Через два дня на площади перед костелом св. Станислава вырос высокий помост, посредине его поставили дубовую серую колоду. Стеклась праздничная многотысячная толпа. Уже знали, что король спрашивал воеводу, какой милости он хочет. Мышецкий же отвечал, что милости от короля не желает, а желает казни, и король на дерзкую гордость согласно кивнул. Скоро стража, прорезав толпу сквозным коридором, привела князя. Исполнить приговор вызвался княжеский же повар, сменивший ради вольной жизни русскую веру на латинскую. Князь не глядел на изменника. На помост взошел подсудок и, развернув свитый в трубу лист, прочел, выкрикивая слова в погребальную тишину площади, что казнят воеводу Мышецкого не за верную службу государю Алексею Михайловичу, не за храбрую восьмимесячную защиту город, а лишают его головы за тиранство, увечья людей, подвальные пытки и разбой. Мышецкий отвечал, что бог о нем все знает. Затем сказал повару: "Могу ли, палач, помолиться?" Тот в виду множества народа и по обычаю разрешил. Мышецкий поклонился на четыре стороны света, перекрестился последним крестом и опустил голову на колоду. Повар занес над бывшим господином специально заточенный топор - и вот тогда Юрий в затихшей толпе увидал отца и Матея. Стукнула широкая секира, превратив повара в палача, упала в корзину голова московского воеводы, выбравшего смерть перед бесчестьем просьбы, и стало Юрию худо на сердце, словно приснил собственную казнь, - столь фатальной показалась ему эта встреча с отцом под оборванный топором вздох. Пробираясь к отцу, Юрий продумал твердые доводы против повторения полковой отцовской жизни - другой причины появления отца в Вильно он не видел. Оказалось иное... Оказалось, что пана Адама привело собственное и совершенно неожиданное для Юрия дело совесть мучает! Да, мучает совесть, говорил отец, принимая за силу сочувствия немое удивление остолбеневшего вдруг сына, - не дает совесть покоя, что четверых сразу повесил, а виновен кто-то один, а может, и не они вовсе. Снятся по ночам плачущие их глаза, и сам сажусь плакать... И вот, привез под икону панны небесной Остробрамской сердечки золотые, четыре сердечка, три за них и одно за несчастную Эвку, и себе у иконы милости для своей души буду просить...
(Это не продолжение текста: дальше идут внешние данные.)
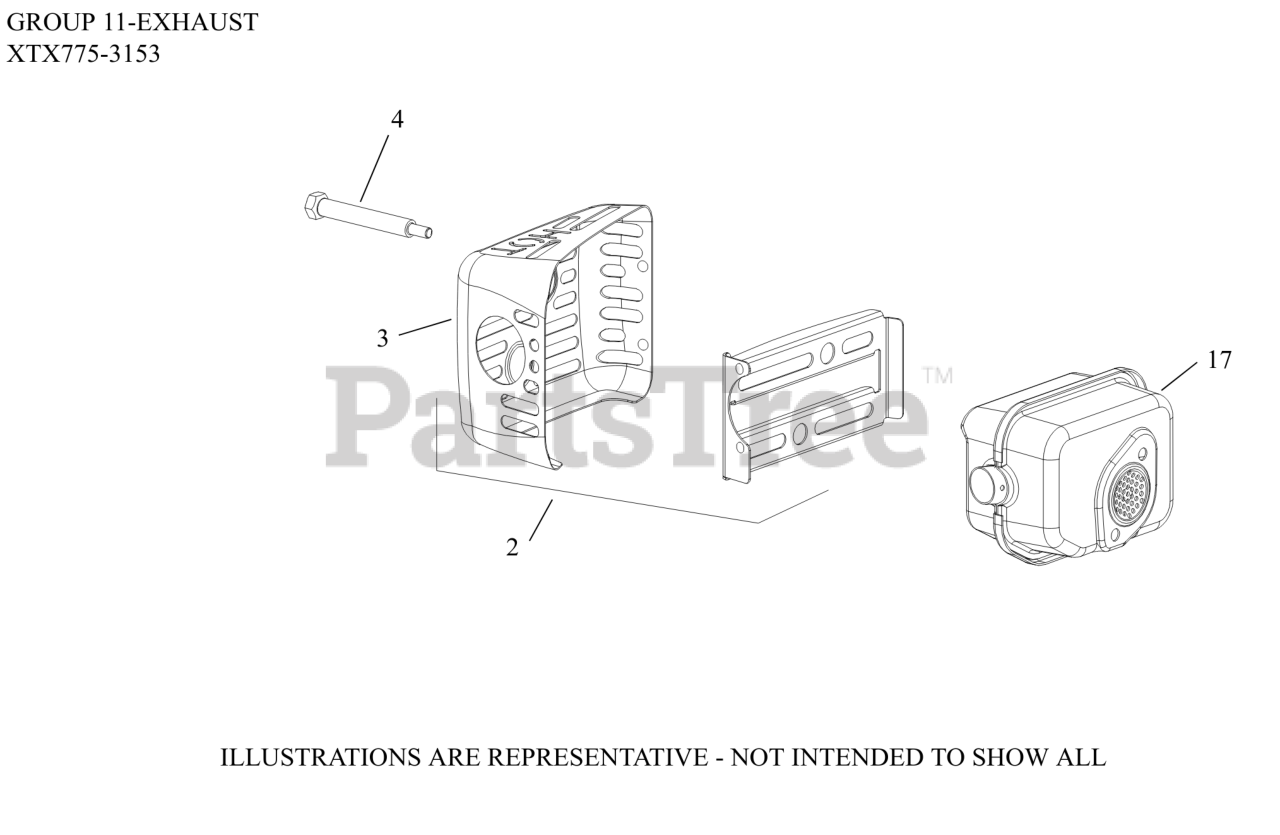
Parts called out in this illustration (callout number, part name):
2	GUARD, MUFFLER ASSEMBLY
3	GUARD, MUFFLER - DISCONTINUED
4	SCREW, SHOULDER
17	MUFFLER, ASSEMBLY
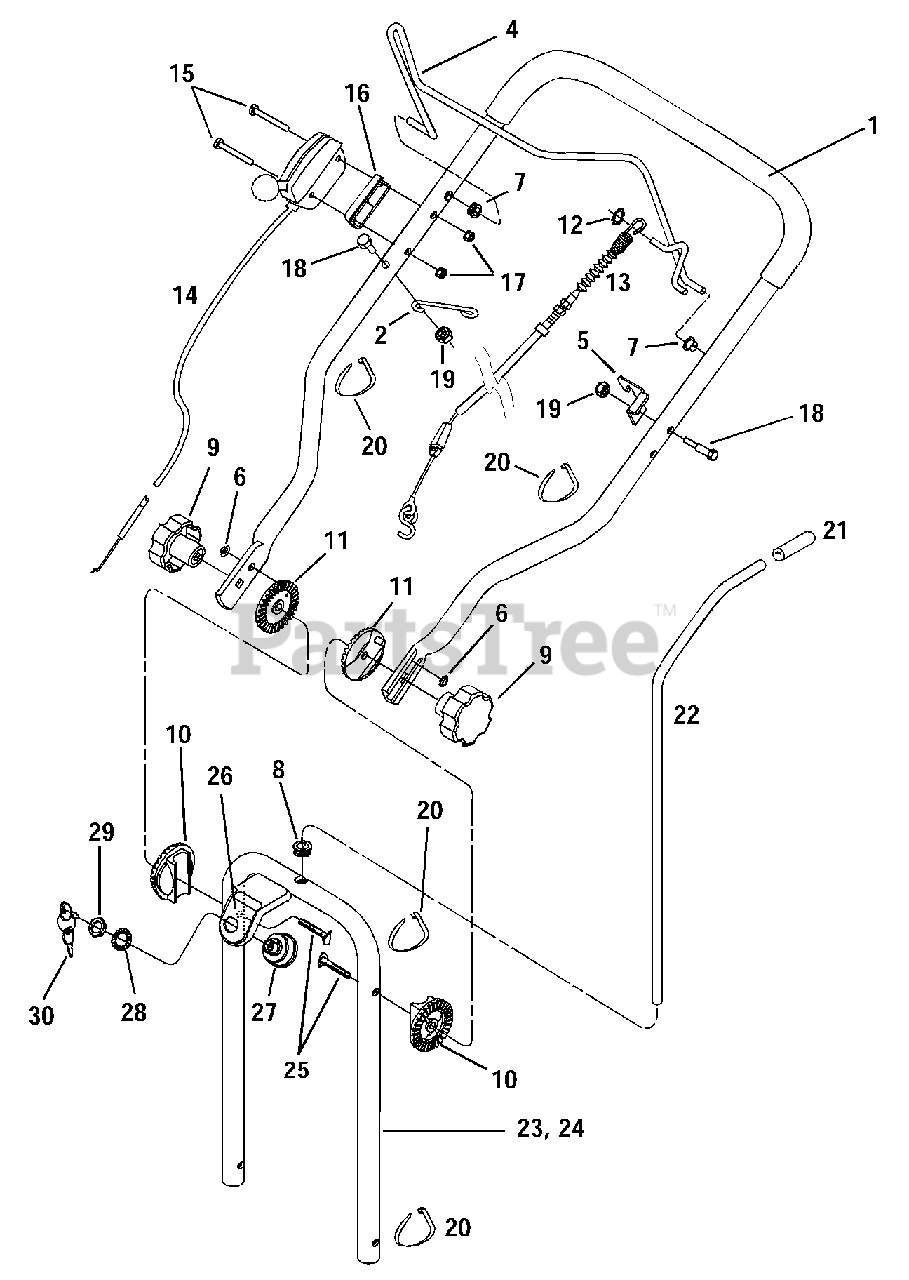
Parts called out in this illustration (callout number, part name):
1	Upper Handlebar w/sleeve
2	Rope Guide
5	Cable Bracket
6	Push-on Retainer
7	Nyliner Bushing
8	Nyliner Bushing
9	Adjusting Knob
10	Inside Hndlbr. Adj. Quadrant
11	Outside Hndlbr. Adj. Quadrant
12	Retaining Ring, External .312 I.D.
13	Control Cable
14	Throttle Cable
15	Screw, 10-24 x 2
16	Spacer
17	Lock Nut, 10-24
18	Hex Hd Screw, 1/4-20 x 1-1/8
19	Top Lock Nut, 1/4-20
20	Cable Tie
21	Steering Rod Grip
22	Upper Steering Rod
23	Lower Handlebar.
24	Lower Handlebar.
25	Curved Hd Bolt, 5/16-18 x 2
26	Decal-Keyswitch
27	Ignition Switch
28	Lockwasher, 5/8
29	Hex Nut, 5/8-32
30	Ignition Key
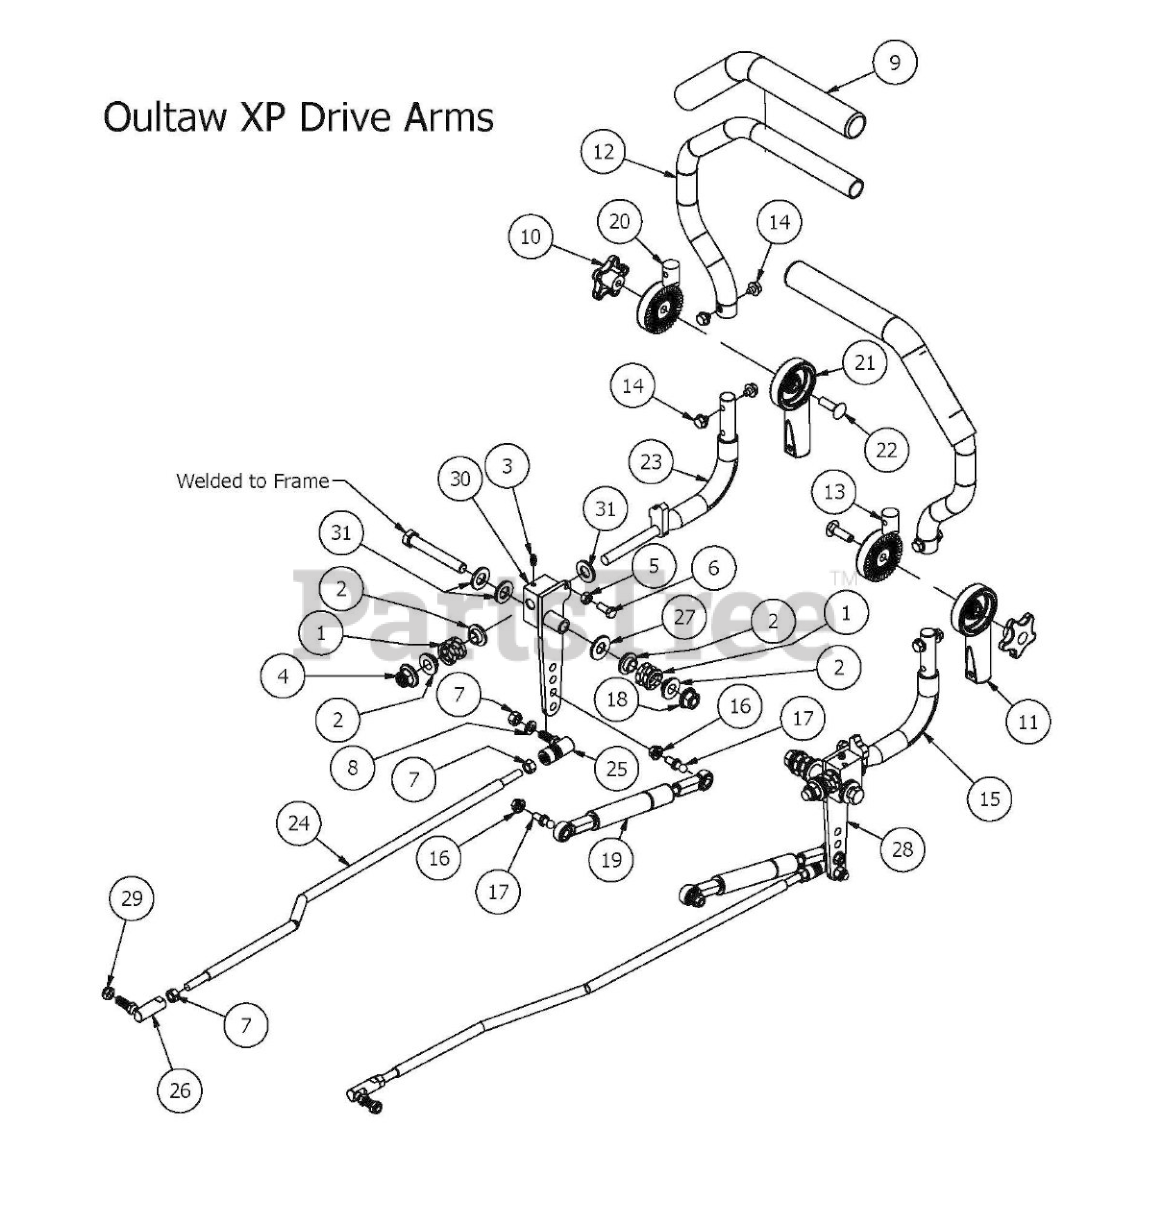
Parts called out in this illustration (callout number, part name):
1	Drive Lever Spring
2	.515 ID Nylon Shoulder Washer
3	1/4" Press in Grease Fitting
4	1/2-13 Nylon Flange Nut
6	5/16" x 3/4" Hex Bolt
7	3/8" Fine Threaded Jam Nut
8	3/8" Lock Washer
9	Black Steering Grip
10	Black Knob for Adjustable Steering Arm
11	Lower Adjuster - Steering Arm- Right
12	Upper Tube-Adjustable Steering
13	Upper Adjust Steering Arm- Right
14	5/16-18 1/2 HWH Bolt-Steering
15	Steering Arm Elbow - Right
16	5/16" Flange Nut
17	10mm Damper Ball Stud-Steering
18	1/2-13 Hex Flange (GR.G) ZC
19	Steering Damper
20	Upper adjuster-Steering Arm- Left
21	Lower Adjuster - Steering Arm- Left
22	3/8" x 1 1/4" Carriage Bolt
23	Steering Arm Elbow - Left
24	outlaw XP Push Rod
25	Quick Release Ball Joint
26	3/8-24 Ball Joint
27	1/2" Washer (Grade 8)
28	Steering Block Assembly - Right
29	3/8-24 Nylon Insert jam locknut
30	Steering Block Assembly - Left
31	.630 ID Plastic Washer
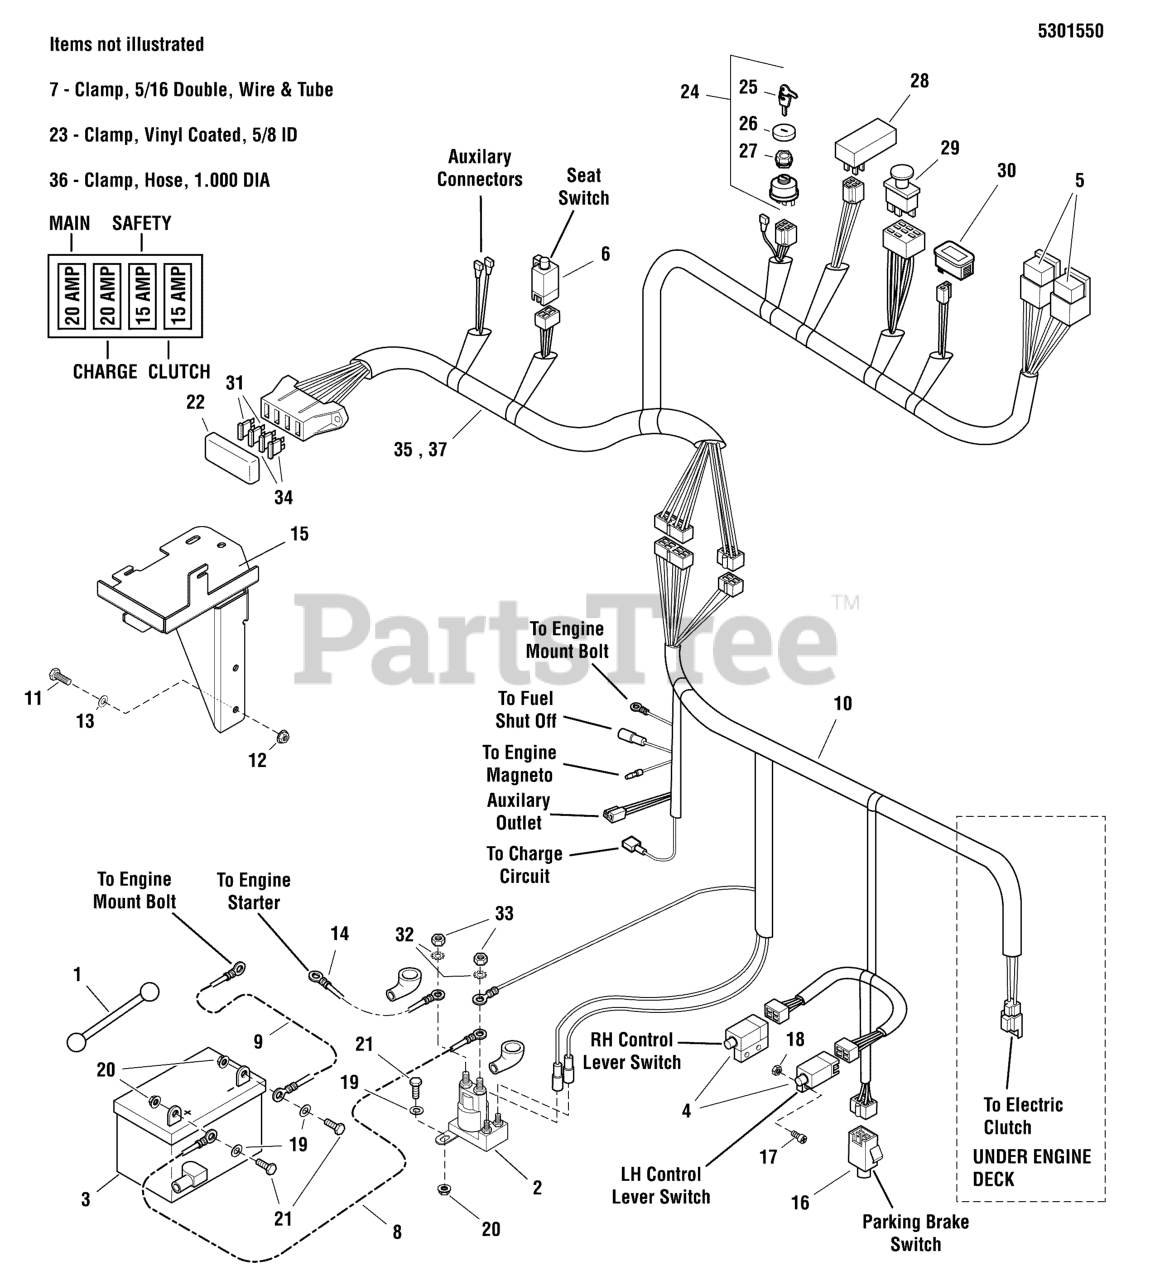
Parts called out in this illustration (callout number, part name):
1	STRAP-BLACK RUBB
2	SOLENOID-4 POLE 12 VOLT DC (TROMBETTA)
3	BATTERY, WET (BCIU1, 340 CCA)
4	SWITCH, PLUNGER, N.O.
5	RELAY, 12V, 40A
6	SWITCH, PLUNGER, NO/NO BOLT-ON
7	CLAMP, 5/16, DOUBLE, WIRE & TUBE
8	BATTERY CABLE, POSITIVE, 15
9	BATTERY CABLE, NEG, 22, 1/4-5/16
10	WIRE HARNESS, MAIN, EVO 36
11	BOLT, 3/8-16 X 1-1/2" GD5 CZ
12	NUT, 3/8-16 HEX NYLOCK FLANGE
13	WASHER, 3/8 SAE
14	BATTERY CABLE, POSITIVE, 22
15	WELD, BATTERY MOUNT - RED
16	SWITCH, DP NO/NC SNAP-IN
17	SCREW- #10-24 X 1/2 ROUND PHILLIPS
18	NUT, #10-24 HEX NYLON LOCK
19	WASHER, 1/4 SAE
20	NUT, 1/4-20 HEX NYLOCK FLANGE
21	BOLT, 1/4-20 X 3/4 GD5 YZ
24	SWITCH, IGNITION, 6 POST
25	KEY, IGNITION MOLDED SET
26	COVER, PLASTIC, SNAP ON
27	PLASTIC NUT
28	MODULE, TIME DELAY
29	SWITCH, BLADE ENGAGEMENT
30	HOUR METER
31	FUSE, ATO, 20 AMP
32	WASHER, LIGHT LOCK, 5/16
33	NUT, HEX JAM, 5/16-24
34	FUSE, ATO-15 (15 AMP)
35	WIRE HARNESS, OPERATOR COMPARTMENT, EVO
36	CLAMP, HOSE, 1.000 DIA
37	WIRE HARNESS, ALL CONDITION SHUT DOWN
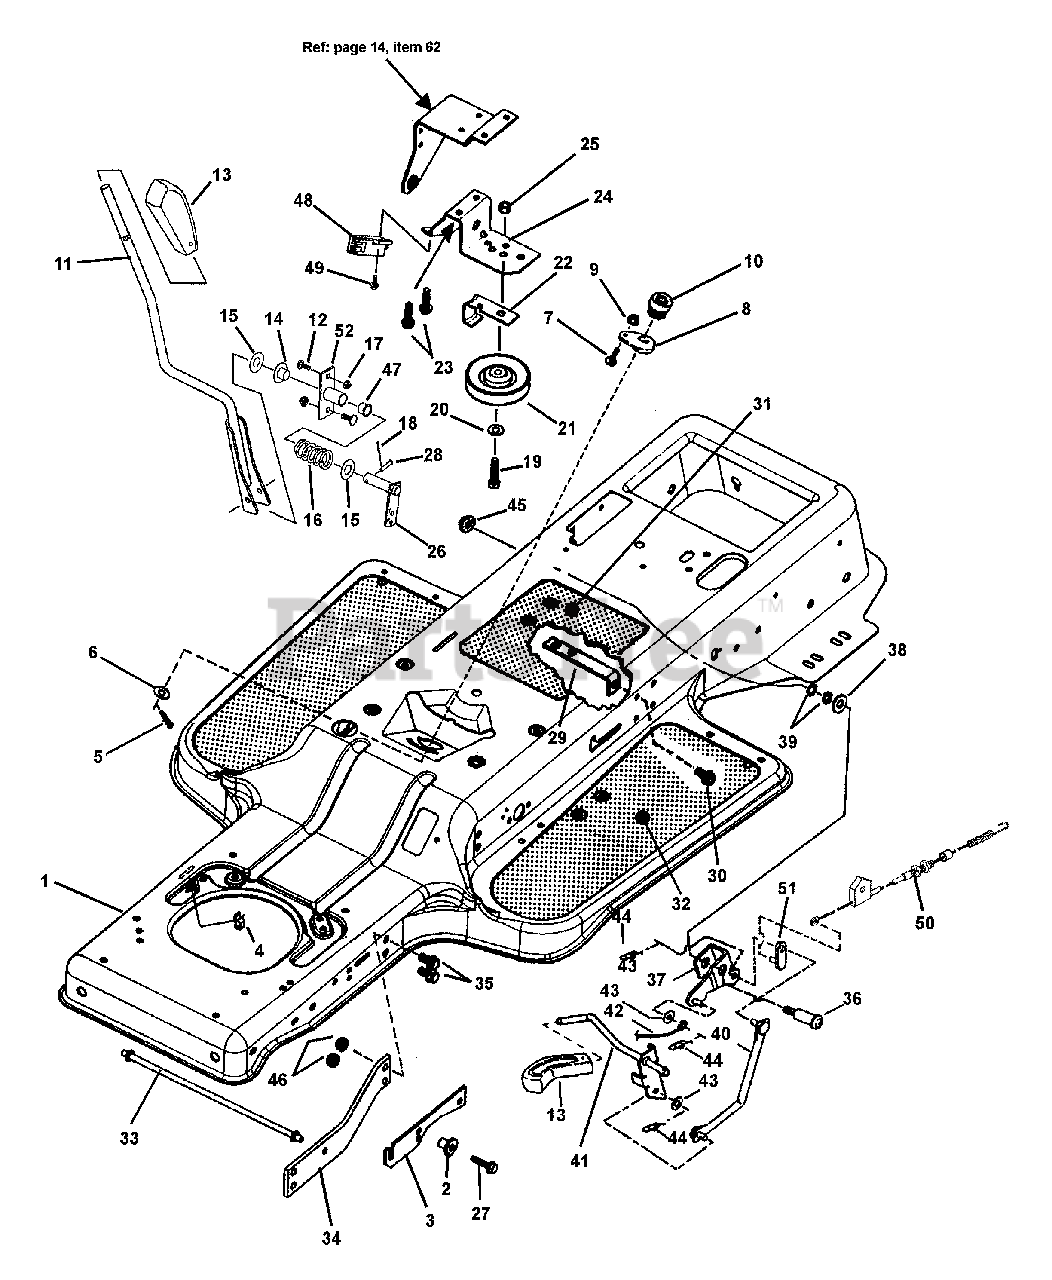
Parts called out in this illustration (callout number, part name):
1	FRAME, Tractor (1 Piece)
2	BUSHING, Flange
3	BRACKET, Hood Pivot
4	CLIP, Wire
5	PIN, 1/8 x 3/4" Cotter
6	WASHER, 1/2 Shim
7	BOLT, 1/4-20 x 5/8" Short Neck Carriage, Grade 5
8	ASSEMBLY, Steering Adjuster
9	NUT, 1/4-20 Hex Flange Lock, Grade 5
10	GEAR, Steering Pinion
11	LEVER, Shift (Upper)
12	BOLT, 5/16-18 x 3/4" Carriage
13	KNOB, Deck Lift Lever
14	BUSHING, 314 Flange
15	WASHER, Thrust
16	SPRING, Shift Detent
17	NUT, 5/16-18 Flange Lock
18	PIN, 3/32 x 3/4" Cotter
19	SCREW, 3/8-16 x 1-1/2" Hex Head Cap, Grade 5
20	WASHER, 3/8" Flat
21	PULLEY, Idler
22	GUIDE, Pulley Belt
23	SCREW, 5/16-18 x 1-1/4" Swage
24	SUPPORT, PTO Lever
25	NUT, 3/8-16 Hex Center Lock, Grade 5
26	STRUCTURE, Arm
27	SCREW, 5/16-18 x 1-1/4" Self-Tapping
28	PIN, 1/4 x 1-5/8" Clevis
29	ANCHOR, Blade Brake
30	SCREW, 3/8-16 x 5/8" Hex Washer Self-Tap
31	DECAL, Instruction Frame Top
31	DECAL, Instruction Frame Top (Euro)
32	PAD, Foot (Rubber Deluxe)
33	GUIDE, Belt
34	BRACE, Frame
35	BOLT, 3/8-16 x 3/4" Hex Flange Lock
36	BOLT, 1/2-13 Shoulder
37	WELDMENT, Bellcrank PTO
38	WASHER, Thrust
39	WASHER, 1/2" Internal Tooth Lock
40	WELDMENT, PTO Link
41	WELDMENT, PTO Lever
42	CABLE, 33 Blade (33" Deck)
42	CABLE, PTO (38" Deck)
43	WASHER, 7/16" Flat
44	COTTER PIN, 3/8 Self-Lock
45	NUT, 1/2-13 Hex Flange Lock, Grade 5
46	NUT, 3/8-16 Hex Flange Lock
47	BUSHING, 3/4 Flange
48	SWITCH, DPDT NC/NO
49	SCREW, #10-32 x 5/8" Self-Tap.
50	ASSEMBLY, Cable
51	WELDMENT, Bracket
52	WELDMENT, Pivot Plate

- Как думаешь, пан Юрий, - спросил отец, - виновны они?
Что было ответить? Убийственную правду - невинны. А кто же тогда? И что тогда делать отцу?
- Больше некому, - сказал Юрий, стараясь вложить в голос твердую убежденность.
- Да, некому, - без уверенности согласился отец.
В те дни плотно набился в Вильно народ. Только близкой и дальней шляхты пришло за несколько тысяч с непонятной надеждой, что объявится нечто необычное в праздник освобождения древней столицы - какой-нибудь королевский универсал с привилегиями, или чудо свершится, или... Ну, хоть что-то должно же произойти? Ничего, конечно, не объявилось и не произошло; да и что, подумайте, можно было объявить после долголетнего развала, кроме новых налогов - но всем хотелось ошибиться в унылой трезвости. Помимо шляхты стояли в городе полки и королевский отряд. Вот отыскать ночлег, действительно, было чудом. Юрий поселил отца и Матея в своей каморе в корчме на Лукишках. Стась же переместился к товарищам.